I’m a divorced Catholic whose marriage was never annulled. I’ve remarried civilly and am aware that I cannot receive the Eucharist. I’m wondering, though, if I am allowed to receive the Sacrament of Reconciliation? I’ve looked everywhere and can’t seem to find an answer to this. I’m a lapsed catholic who is really feeling drawn back and I feel like I should make a good confession. Please help.
By all means, YES! You are being called to return to the Church. The best thing to do is to call the rectory at your church and schedule and appointment with a priest. Trust the priest (and God!) and take his advice for the next step. Welcome!!
If you are prepared to stop having sexual intercourse/relations with your civil wife: otherwise: it is the sin against the Holy Spirit: confession requires a desire to give up sin, and return. May I suggest getting the annulment.
I might also note: if you were Catholic and married outside the church or in many other circumstances: there is a very good chance of a very sudden annulment.
Remember: your first duty is to God: who controls your soul: email/PM me if you so desire.
The Sin against the Holy Spirit: would be by confessing some sins without repenting others: and intentionally doing so: I would think. I am not sure on the distinction between venial and mortal here. The Other Sin against the Holy Spirit: is to continue to reject God’s Grace until death: there may be others of course: I researched this ages ago.
I heard it said that when you don’t participate in confession your relationship with Christ can get stale. I thought about it and there is a lot of truth in that statement. If you ever did something wrong towards someone you tend to avoid them. Confession is a beautiful thing.
For all the ‘yes yes yes’ bandwagoners here - hold your horses. The fact is, as good as senatorleo’s intentions (and yours) are
a) he appears to be clearly aware that his remarriage is considered to be gravely sinful (hence why he cannot receive the Eucharist), and that he is thus currently in a state of mortal sin and
b) he has indicated no intentions of repenting or amending his life in regard to that particular sin, which would require that he live as brother and sister with his current ‘wife’ and seek a decree of nullity (if it’s possible that the first marriage was invalid).
To make things abundantly clear for everyone, senatorleo, you should NOT go to confession unless and until you are prepared in good faith to repent and amend your life by taking the steps listed in b).

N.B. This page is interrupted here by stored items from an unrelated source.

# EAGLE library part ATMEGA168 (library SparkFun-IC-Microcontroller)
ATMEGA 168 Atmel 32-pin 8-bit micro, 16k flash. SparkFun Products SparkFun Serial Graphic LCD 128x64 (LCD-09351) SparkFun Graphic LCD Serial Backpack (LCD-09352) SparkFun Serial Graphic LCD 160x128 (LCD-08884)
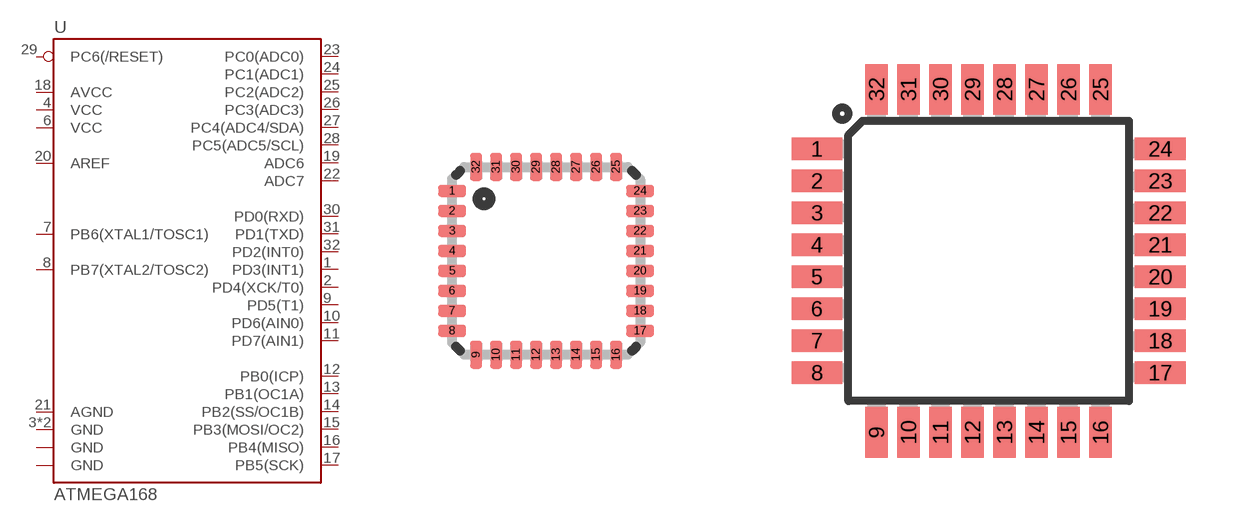
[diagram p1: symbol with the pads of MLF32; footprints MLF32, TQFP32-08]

Designator prefix U

## ATMEGA168MLF (PROD_ID: NA-XXXXX; VALUE: ATMEGA168)  [MLF32]
1  PD3(INT1)
2  PD4(XCK/T0)
3  GND
4  VCC
5  GND
6  VCC
7  PB6(XTAL1/TOSC1)
8  PB7(XTAL2/TOSC2)
9  PD5(T1)
10  PD6(AIN0)
11  PD7(AIN1)
12  PB0(ICP)
13  PB1(OC1A)
14  PB2(SS/OC1B)
15  PB3(MOSI/OC2)
16  PB4(MISO)
17  PB5(SCK)
18  AVCC
19  ADC6
20  AREF
21  AGND
22  ADC7
23  PC0(ADC0)
24  PC1(ADC1)
25  PC2(ADC2)
26  PC3(ADC3)
27  PC4(ADC4/SDA)
28  PC5(ADC5/SCL)
29  PC6(/RESET)
30  PD0(RXD)
31  PD1(TXD)
32  PD2(INT0)

## ATMEGA168 (PROD_ID: IC-08594; VALUE: ATMEGA168)  [TQFP32-08]
1  PD3(INT1)
2  PD4(XCK/T0)
3  GND
4  VCC
5  AGND
6  VCC
7  PB6(XTAL1/TOSC1)
8  PB7(XTAL2/TOSC2)
9  PD5(T1)
10  PD6(AIN0)
11  PD7(AIN1)
12  PB0(ICP)
13  PB1(OC1A)
14  PB2(SS/OC1B)
15  PB3(MOSI/OC2)
16  PB4(MISO)
17  PB5(SCK)
18  AVCC
19  ADC6
20  AREF
21  GND
22  ADC7
23  PC0(ADC0)
24  PC1(ADC1)
25  PC2(ADC2)
26  PC3(ADC3)
27  PC4(ADC4/SDA)
28  PC5(ADC5/SCL)
29  PC6(/RESET)
30  PD0(RXD)
31  PD1(TXD)
32  PD2(INT0)

## Footprint MLF32 (pad centres in mm)
32M1-A Micro Lead Frame package (MLF)
smd 0.7 x 0.3: 1 -2.35,1.75; 2 -2.35,1.25; 3 -2.35,0.75; 4 -2.35,0.25; 5 -2.35,-0.25; 6 -2.35,-0.75; 7 -2.35,-1.25; 8 -2.35,-1.75; 17 2.35,-1.75; 18 2.35,-1.25; 19 2.35,-0.75; 20 2.35,-0.25; 21 2.35,0.25; 22 2.35,0.75; 23 2.35,1.25; 24 2.35,1.75
smd 0.3 x 0.7: 9 -1.75,-2.35; 10 -1.25,-2.35; 11 -0.75,-2.35; 12 -0.25,-2.35; 13 0.25,-2.35; 14 0.75,-2.35; 15 1.25,-2.35; 16 1.75,-2.35; 25 1.75,2.35; 26 1.25,2.35; 27 0.75,2.35; 28 0.25,2.35; 29 -0.25,2.35; 30 -0.75,2.35; 31 -1.25,2.35; 32 -1.75,2.35

## Footprint TQFP32-08 (pad centres in mm)
Thin Plasic Quad Flat Package Grid 0.8 mm
smd 1.27 x 0.559: 1 -4.293,2.8; 2 -4.293,2; 3 -4.293,1.2; 4 -4.293,0.4; 5 -4.293,-0.4; 6 -4.293,-1.2; 7 -4.293,-2; 8 -4.293,-2.8; 17 4.293,-2.8; 18 4.293,-2; 19 4.293,-1.2; 20 4.293,-0.4; 21 4.293,0.4; 22 4.293,1.2; 23 4.293,2; 24 4.293,2.8
smd 0.559 x 1.27: 9 -2.8,-4.293; 10 -2,-4.293; 11 -1.2,-4.293; 12 -0.4,-4.293; 13 0.4,-4.293; 14 1.2,-4.293; 15 2,-4.293; 16 2.8,-4.293; 25 2.8,4.293; 26 2,4.293; 27 1.2,4.293; 28 0.4,4.293; 29 -0.4,4.293; 30 -1.2,4.293; 31 -2,4.293; 32 -2.8,4.293

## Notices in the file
Licensing: Creative Commons ShareAlike 4.0 International - https://creativecommons.org/licenses/by-sa/4.0

I’m not presuming that you’re acting in BAD faith, just that on the very limited information you’ve given us there’s no indication that you are yet properly disposed for confession of that particular sin.
You might want to approach a priest outside the confessional first and explain your situation; make an appointment through your parish office. He will be able to explain what steps you will need to take to make a proper confession so that he can absolve you.
In your situation, if you just go to confession without understanding what you need to do in order to be truly repentant, the priest may not grant absolution, and you might be very disappointed.
And if the priest feels you are properly disposed at your meeting, he may be able to hear your confession right then.
Yes, you could go to Confession and even possibly return to Holy Communion.
If you truly understand the sinfulness of what you have done, are repentant of it and resolve to correct it. That would also require avoiding the possibility of continuing the sexual relationship outside of Marriage. In other words living as brother and sister until the Marriage situation is resolved.
Senatorleo, LilyM and Br. Rich are on the right track.
It’s wonderful that you feel the Holy Spirit calling you back to the church. The church would love to receive you . You need to be able to have contrition and repentence in order to be absolved from sin. This includes your current marriage. You need to be able to resolve the sinfulness of that situation . Definitely call up your Parish and make an appointment with the Pastor or another Priest to get things rolling on you anullment. You will want some pastoral/spiritual direction to help you work your way through this. Ask about confession then.